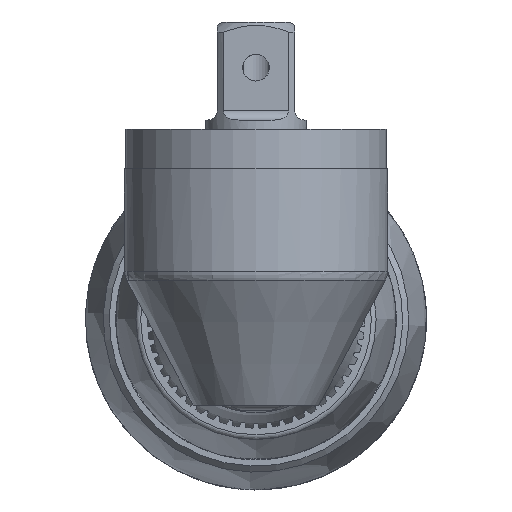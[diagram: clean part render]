
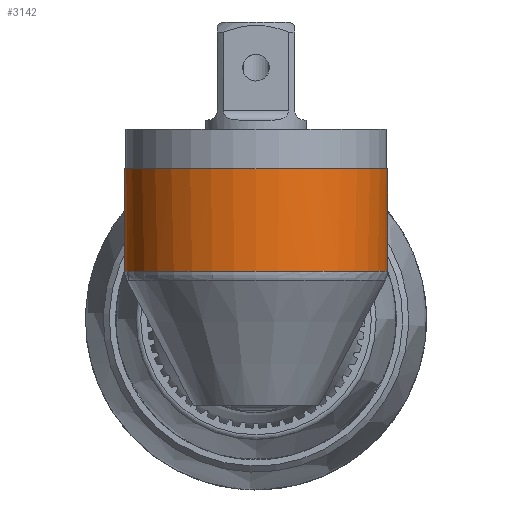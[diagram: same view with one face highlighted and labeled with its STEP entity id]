
A CAD part, left-side view. The second image highlights one B-rep face of the part: STEP entity #3142.
In plain terms, the highlighted cylindrical face has radius 21.565 mm (diameter 43.129 mm), a full revolution.
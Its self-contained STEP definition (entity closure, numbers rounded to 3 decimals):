
#652=CYLINDRICAL_SURFACE('',#12939,21.565);
#1360=B_SPLINE_CURVE_WITH_KNOTS('',3,(#38142,#38143,#38144,#38145,#38146,
#38147,#38148,#38149,#38150,#38151,#38152,#38153,#38154,#38155,#38156,#38157),
.UNSPECIFIED.,.F.,.F.,(4,2,2,2,2,2,2,4),(0.,0.125,0.25,0.375,0.5,
0.625,0.75,1.),.UNSPECIFIED.);
#3142=ADVANCED_FACE('',(#4394,#4395),#652,.T.);
#4394=FACE_BOUND('',#4849,.T.);
#4395=FACE_BOUND('',#4850,.T.);
#4849=EDGE_LOOP('',(#7067,#7068));
#4850=EDGE_LOOP('',(#7069));
#7067=ORIENTED_EDGE('',*,*,#11103,.T.);
#7068=ORIENTED_EDGE('',*,*,#11104,.T.);
#7069=ORIENTED_EDGE('',*,*,#11095,.F.);
#9661=VERTEX_POINT('',#38076);
#9666=VERTEX_POINT('',#38140);
#9667=VERTEX_POINT('',#38141);
#11095=EDGE_CURVE('',#9661,#9661,#12163,.T.);
#11103=EDGE_CURVE('',#9666,#9667,#12165,.T.);
#11104=EDGE_CURVE('',#9667,#9666,#1360,.T.);
#12163=CIRCLE('',#12930,21.565);
#12165=CIRCLE('',#12938,21.565);
#12930=AXIS2_PLACEMENT_3D('',#38075,#14595,#14596);
#12938=AXIS2_PLACEMENT_3D('',#38139,#14613,#14614);
#12939=AXIS2_PLACEMENT_3D('',#38158,#14615,#14616);
#14595=DIRECTION('',(0.,0.,1.));
#14596=DIRECTION('',(-1.,0.,0.));
#14613=DIRECTION('',(0.,0.,1.));
#14614=DIRECTION('',(1.,0.,0.));
#14615=DIRECTION('',(0.,0.,1.));
#14616=DIRECTION('',(-1.,0.,0.));
#38075=CARTESIAN_POINT('',(-169.204,0.,24.638));
#38076=CARTESIAN_POINT('',(-190.769,0.,24.638));
#38139=CARTESIAN_POINT('',(-169.204,0.,7.905));
#38140=CARTESIAN_POINT('',(-153.828,15.119,7.905));
#38141=CARTESIAN_POINT('',(-153.828,-15.119,7.905));
#38142=CARTESIAN_POINT('',(-153.828,-15.119,7.905));
#38143=CARTESIAN_POINT('',(-153.298,-14.58,9.631));
#38144=CARTESIAN_POINT('',(-152.664,-13.88,11.236));
#38145=CARTESIAN_POINT('',(-151.336,-12.123,14.242));
#38146=CARTESIAN_POINT('',(-150.634,-11.053,15.651));
#38147=CARTESIAN_POINT('',(-149.354,-8.543,18.093));
#38148=CARTESIAN_POINT('',(-148.758,-7.065,19.158));
#38149=CARTESIAN_POINT('',(-147.9,-3.752,20.666));
#38150=CARTESIAN_POINT('',(-147.642,-1.901,21.104));
#38151=CARTESIAN_POINT('',(-147.638,1.861,21.11));
#38152=CARTESIAN_POINT('',(-147.897,3.737,20.671));
#38153=CARTESIAN_POINT('',(-148.755,7.056,19.164));
#38154=CARTESIAN_POINT('',(-149.35,8.533,18.101));
#38155=CARTESIAN_POINT('',(-151.27,12.302,14.438));
#38156=CARTESIAN_POINT('',(-152.768,14.042,11.359));
#38157=CARTESIAN_POINT('',(-153.828,15.119,7.905));
#38158=CARTESIAN_POINT('',(-169.204,0.,-3.175));
____
TASK DETAILS: Check each line of the entries above for the word "UNSPECIFIED". List the ones that have it.

WRITTEN SOLUTION:
.UNSPECIFIED.,.F.,.F.,(4,2,2,2,2,2,2,4),(0.,0.125,0.25,0.375,0.5,
0.625,0.75,1.),.UNSPECIFIED.);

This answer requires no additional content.